Snippet for List Count = 20,0000
| Count of Unique Values | Overhead (Bytes) |
|---|---|
| 1 | 160,088 |
| 2 | 160,120 |
| 3 | 160,176 |
| 4 | 160,184 |
| 5 | 160,288 |
| 6 | 160,296 |
| 7 | 160,304 |
| 8 | 160,312 |
| 9 | 160,512 |
| .. | .. |
| 15 | 160,560 |
| 16 | 160,568 |
| 17 | 160,960 |
| .. | .. |
Again, for powers of 2:
u: 1 2 4 8 16
overhead: 160,088 160,120 160,184 160,312 160,568
Subtracting 160,056 yields the same \(32 × p\) pattern
Interpreting the Base Overhead
Notice that:
- For the 10,000-element list, the offset was 80,056
- For the 20,000-element list, it was 160,056
This suggests the base overhead grows linearly with the list count. Specifically:
\[ \begin{align*} 80,056 &= 56 + 8 × 10,000 \\ 160,056 &= 56+8×20,000 \end{align*} \]
So, the general base overhead is:
\[ base = 56 + 8n \]
where n is the total count of the list, and 56 is likely a fixed base cost for the internal structure.
General Formula
For non-power-of-2 u, we again see 8-byte increments per unique value until the next power-of-2 is reached. Thus, the total overhead can be expressed as:
\[ \begin{align*} \text{overhead} &= 56 + 8n + 32p + 8(u - p) \\ &= 8(3p + n + u + 7) \end{align*} \]
Where:
- n is the list count.
- u is the count of unique values.
- p is the next power of 2 greater than or equal to u.
Q Implementation
groupedOverhead:{[n;u] 8*7+n+u+3*nextPower2 u}
Examples:
q)groupedOverhead[10000;] 1+til 10
80088 80120 80176 80184 80288 80296 80304 80312 80512 80520
q)groupedOverhead[20000;] 1+til 10
160088 160120 160176 160184 160288 160296 160304 160312 160512 160520
Note
The formulas derived for computing attribute overheads are based on the current internal implementation of KDB+. As such, they may change in future versions if the underlying architecture is modified.

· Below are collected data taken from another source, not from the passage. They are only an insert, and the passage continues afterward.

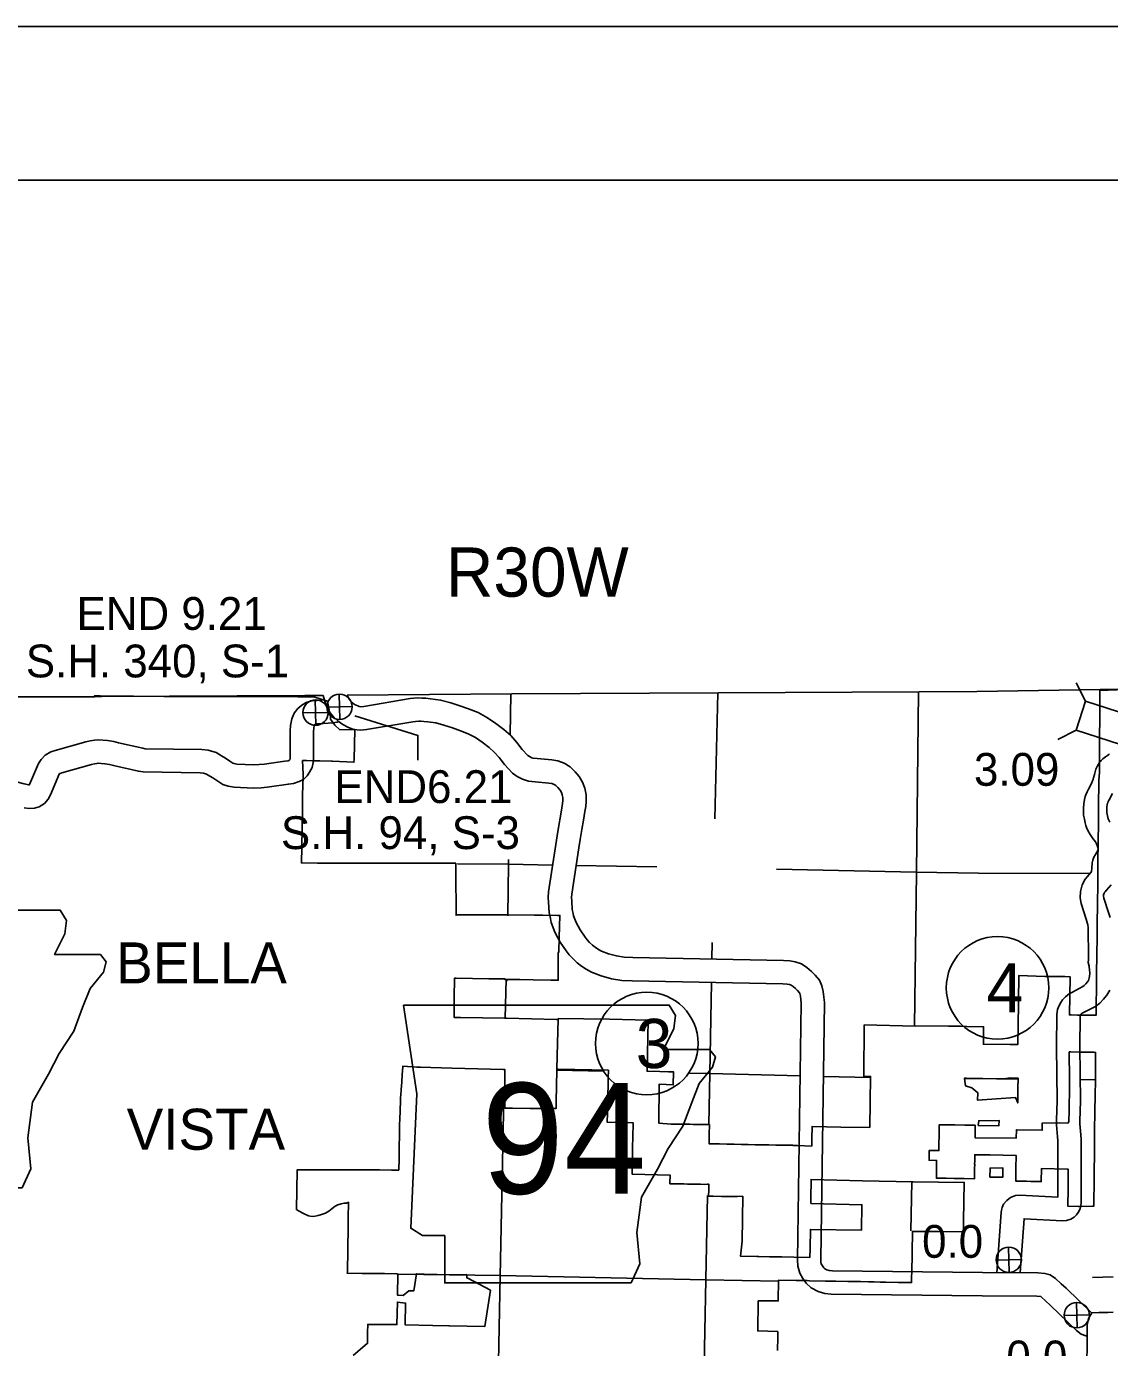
# Model space of a CAD drawing. Extents: x 77230 to 630905, y 790554 to 1662844.
# Drawn here: x 232709 to 260599, y 1621421 to 1655440 of the extents above; entities that cross this region are included whole.
import ezdxf

# ---------------------------------------------------------------- set-up
doc = ezdxf.new("R2010")
doc.units = 0
for name, color, linetype in [('Level 12', 7, 'Continuous'), ('Level 14', 7, 'Continuous'), ('Level 16', 7, 'Continuous'), ('Level 19', 7, 'Continuous'), ('Level 22', 7, 'Continuous'), ('Level 24', 7, 'Continuous'), ('Level 27', 7, 'Continuous'), ('Level 28', 7, 'Continuous'), ('Level 31', 7, 'Continuous'), ('Level 32', 7, 'Continuous'), ('Level 33', 7, 'Continuous'), ('Level 34', 7, 'Continuous')]:
    doc.layers.add(name, color=color, linetype=linetype)

msp = doc.modelspace()

# ---------------------------------------------------------------- linework, layer by layer
at = {"layer": 'Level 12'}
for points in [[(232156, 1638165), (233990, 1638176), (234030, 1638177), (234467, 1638179), (234460, 1638204), (234607, 1638202), (235470, 1638195), (236248, 1638188), (237126, 1638186), (238276, 1638185), (238909, 1638184), (238943, 1638183), (238967, 1638183), (238981, 1638183), (239696, 1638175), (239859, 1638174), (240133, 1638172), (240460, 1638068), (240502, 1637834), (240487, 1637833), (240529, 1637759), (240535, 1637603), (240653, 1637446), (240780, 1637327), (241114, 1637334), (241164, 1637335), (241144, 1636564), (241142, 1636494), (240590, 1636519), (240566, 1636520), (240265, 1636527), (240104, 1636531), (239917, 1636536), (239856, 1636538), (239822, 1636536), (239834, 1636177), (239832, 1636087), (239832, 1636074), (239831, 1636022), (239831, 1636014), (239830, 1636003)], [(260281, 1632286), (260288, 1632882), (260294, 1633326), (260296, 1633542), (260297, 1633575), (260297, 1633612), (260298, 1633714), (260301, 1633909), (260307, 1634453), (260313, 1634927), (260318, 1635179), (260317, 1635184), (260316, 1635188), (260317, 1635269), (260317, 1635294), (260318, 1635312), (260326, 1636044), (260330, 1636118), (260337, 1636245), (260340, 1636766), (260341, 1636820), (260341, 1636834), (260343, 1637228), (260347, 1637543), (260347, 1637562), (260347, 1637581), (260352, 1638340), (260999, 1638368)], [(239830, 1636003), (239821, 1635537), (239820, 1635503), (239821, 1635497), (239821, 1635490), (239820, 1635481), (239819, 1635475), (239816, 1635279), (239798, 1634326), (239797, 1634269), (239791, 1633937), (239790, 1633899), (239801, 1633899), (240203, 1633898), (240628, 1633897), (240964, 1633896), (241291, 1633896), (241914, 1633895), (241922, 1633895), (242202, 1633895), (242466, 1633895), (243765, 1633893), (243765, 1633874), (243766, 1633784), (243766, 1633607), (243773, 1632632), (243773, 1632554), (243785, 1632563), (245097, 1632564), (245113, 1632563), (245794, 1632556), (245939, 1632555), (246004, 1632554), (246385, 1632550), (246410, 1632549), (246444, 1632549), (246426, 1631983), (246415, 1631622), (246403, 1631574), (246403, 1631498), (246402, 1631213), (246402, 1631204), (246402, 1630878), (246215, 1630884), (245759, 1630894), (245416, 1630895), (245398, 1630896), (245372, 1630895), (245338, 1630895), (245034, 1630896), (245034, 1630915), (244850, 1630916), (244737, 1630916), (244615, 1630917), (243774, 1630936), (243762, 1630936), (243744, 1630937), (243732, 1630937), (243729, 1630898), (243731, 1630891), (243731, 1630882), (243727, 1630474), (243725, 1630277), (243722, 1629985), (243722, 1629974), (243721, 1629924), (243823, 1629922), (243889, 1629921), (245020, 1629905), (245029, 1629905), (245030, 1629905), (245061, 1629904), (245070, 1629904), (246362, 1629868), (246403, 1629867), (246387, 1629261), (246369, 1628593), (246368, 1628561), (246350, 1627755), (246349, 1627711), (246346, 1627576), (246333, 1627575), (246306, 1627574), (245676, 1627576), (245223, 1627584), (245024, 1627588), (245024, 1627819), (245025, 1628585), (244982, 1628585), (244982, 1628579), (244330, 1628600), (243661, 1628617), (242856, 1628639), (242766, 1628641), (242401, 1628663), (242399, 1628644), (242394, 1628562), (242385, 1628435), (242384, 1628426), (242374, 1628279)], [(249641, 1625634), (249540, 1625636), (249279, 1625640), (249279, 1625667), (249283, 1625861), (248957, 1625870), (248307, 1625882), (248319, 1626546), (248325, 1626874), (248330, 1627164), (248331, 1627212), (247667, 1627225), (247676, 1627680), (247678, 1627752), (247682, 1627954), (247686, 1628156), (247690, 1628358), (247694, 1628561), (246405, 1628589), (246369, 1628593), (246387, 1629261), (246403, 1629867), (246404, 1629894), (247722, 1629876), (248384, 1629864), (248715, 1629854), (248689, 1628535), (249020, 1628527), (249239, 1628521), (249372, 1628518), (249364, 1628186), (249003, 1628204), (248995, 1627197), (249310, 1627177), (249606, 1627173), (249698, 1627171), (249789, 1627170), (249880, 1627168), (249971, 1627166), (250072, 1627164), (250297, 1627163), (250290, 1626905), (250289, 1626807), (250289, 1626719), (250289, 1626672), (250293, 1626671), (250377, 1626669), (250467, 1626666), (250557, 1626663), (250747, 1626659), (250935, 1626655), (251115, 1626652), (251294, 1626648), (251474, 1626644), (251646, 1626640), (251825, 1626638), (252005, 1626635), (252113, 1626634), (252225, 1626632), (252261, 1626632), (252337, 1626630), (252434, 1626629), (252450, 1626628), (252564, 1626626), (252932, 1626611), (252934, 1626724), (252936, 1626840), (252940, 1627070), (252941, 1627114), (253683, 1627093), (254425, 1627091), (254445, 1628402), (254271, 1628406), (254281, 1629729), (255592, 1629697), (255592, 1629709), (256451, 1629697), (256757, 1629693), (256921, 1629690), (257342, 1629683), (257356, 1629683), (257350, 1629233), (258035, 1629224), (258233, 1629222), (258243, 1629668), (258262, 1630999), (258936, 1630978), (259238, 1630974), (259447, 1630972), (259582, 1630970), (259564, 1629986), (259609, 1629986), (259772, 1629984), (259995, 1629981), (260170, 1629979), (260253, 1629978), (260265, 1630961), (260273, 1631624), (260277, 1631901), (260281, 1632286)], [(242374, 1628279), (242373, 1628265), (242366, 1628154), (242365, 1628144), (242361, 1628084), (242360, 1628069), (242359, 1628059), (242358, 1628042), (242356, 1628008), (242354, 1627974), (242351, 1627936), (242345, 1627852), (242345, 1627843), (242343, 1627781), (242342, 1627762), (242321, 1627296), (242318, 1627174), (242316, 1627032), (242305, 1626448), (242305, 1626403), (242303, 1626338), (242303, 1626323), (242303, 1626290), (242297, 1625991), (242205, 1625992), (242112, 1625993), (241803, 1625994), (241701, 1625994), (241627, 1625995), (241589, 1625995), (241568, 1625995), (241056, 1625999), (241006, 1625999), (239680, 1625997), (239680, 1625993), (239659, 1624973), (239716, 1624946), (239863, 1624867), (239975, 1624809), (240070, 1624797), (240142, 1624807), (240222, 1624821), (240308, 1624846), (240406, 1624883), (240495, 1624935), (240581, 1625003), (240655, 1625062), (240730, 1625098), (240813, 1625124), (240888, 1625141), (240953, 1625143), (241000, 1625161), (240997, 1624755), (240997, 1624736), (240997, 1624674), (240995, 1624533), (240976, 1623375), (240971, 1623336), (241350, 1623332), (241926, 1623326), (242249, 1623321), (242275, 1623315), (242264, 1622770), (242281, 1622769), (242286, 1622769), (242414, 1622762), (242560, 1622878), (242684, 1622881), (242749, 1623320), (242947, 1623314), (243616, 1623294), (244046, 1623299), (244045, 1623221), (244075, 1623206), (244661, 1622898), (244517, 1621965), (243600, 1621978), (243585, 1621979), (243174, 1621991), (243167, 1621990), (242471, 1622007), (242461, 1622007), (242473, 1622566), (242261, 1622593), (242249, 1622011), (242228, 1622012), (242201, 1622012), (242132, 1622013), (242117, 1622013), (241969, 1622016), (241818, 1622015), (241668, 1622017), (241498, 1622018), (241496, 1621970), (241496, 1621958), (241491, 1621868), (241492, 1621718), (241493, 1621531), (241124, 1621221)], [(252050, 1621349), (252052, 1621449), (252054, 1621588), (252055, 1621697), (252056, 1621755), (252057, 1621833), (251539, 1621850), (251551, 1622622), (252069, 1622624), (252076, 1623153), (252076, 1623158), (252527, 1623148), (252816, 1623144), (252872, 1623143), (253282, 1623135), (253526, 1623131), (253548, 1623130), (253856, 1623125), (253977, 1623122), (254186, 1623119), (254388, 1623115), (254535, 1623112), (254689, 1623109), (254840, 1623106), (255160, 1623100), (255369, 1623096), (255500, 1623094), (255503, 1623279), (255504, 1623329), (255524, 1624414), (256184, 1624406), (256836, 1624398), (256840, 1624684), (256857, 1625674), (256197, 1625681), (255534, 1625688), (255534, 1625689), (254234, 1625716), (252915, 1625751), (252913, 1625528), (252911, 1625479), (252906, 1625290), (252908, 1625133), (254222, 1625100), (254210, 1624440), (252897, 1624465), (252888, 1623972), (252883, 1623742), (252472, 1623750), (252157, 1623756), (251843, 1623761), (251570, 1623768), (251517, 1623768), (251093, 1623777), (251137, 1624161), (251156, 1625318), (251022, 1625308), (250877, 1625311), (250842, 1625312), (250711, 1625315), (250606, 1625315), (250393, 1625318), (250275, 1625319), (250278, 1625481), (250281, 1625626), (250250, 1625627), (250167, 1625624), (250067, 1625625), (250016, 1625626), (249915, 1625628), (249824, 1625630), (249733, 1625632), (249641, 1625634)]]:
    msp.add_lwpolyline(points, dxfattribs=at)
for points in [[(259561, 1629037), (259570, 1628320), (259564, 1627926), (259562, 1627743), (259559, 1627560), (259559, 1627523), (259554, 1627231), (259528, 1627203), (259298, 1627205), (258865, 1627203), (258865, 1627019), (258199, 1627029), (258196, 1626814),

However, the methodology used to derive these formulas — through systematic measurement and pattern analysis — can still be applied to recalculate overheads if needed. The approach is general and remains valid even if the specific outcomes evolve over time.
Conclusion
While KDB+ attributes offer powerful query optimisations, we have shown that these benefits come with measurable costs in time and memory.
We’ve seen that attributes like unique, parted, and grouped maintain internal data structure — typically hash maps — that vary in size depending on both the total count of the list and the count of unique values. This leads to non-trivial memory overhead, which can scale into hundreds of megabytes or more for large datasets.
We also observed that applying attributes can incur time overhead during operations like loading, writing, or updating data — particularly for attributes that require hashing or maintaining metadata during write time.
The key takeaway is that attributes are not free. Their use should be deliberate and informed. If the expected query performance improvement outweighs the storage and update costs, they can be extremely valuable. But for infrequently queried or write-heavy data, the overhead might not justify their use.
As always with performance tuning, measure before and after, and choose the right tool for the workload.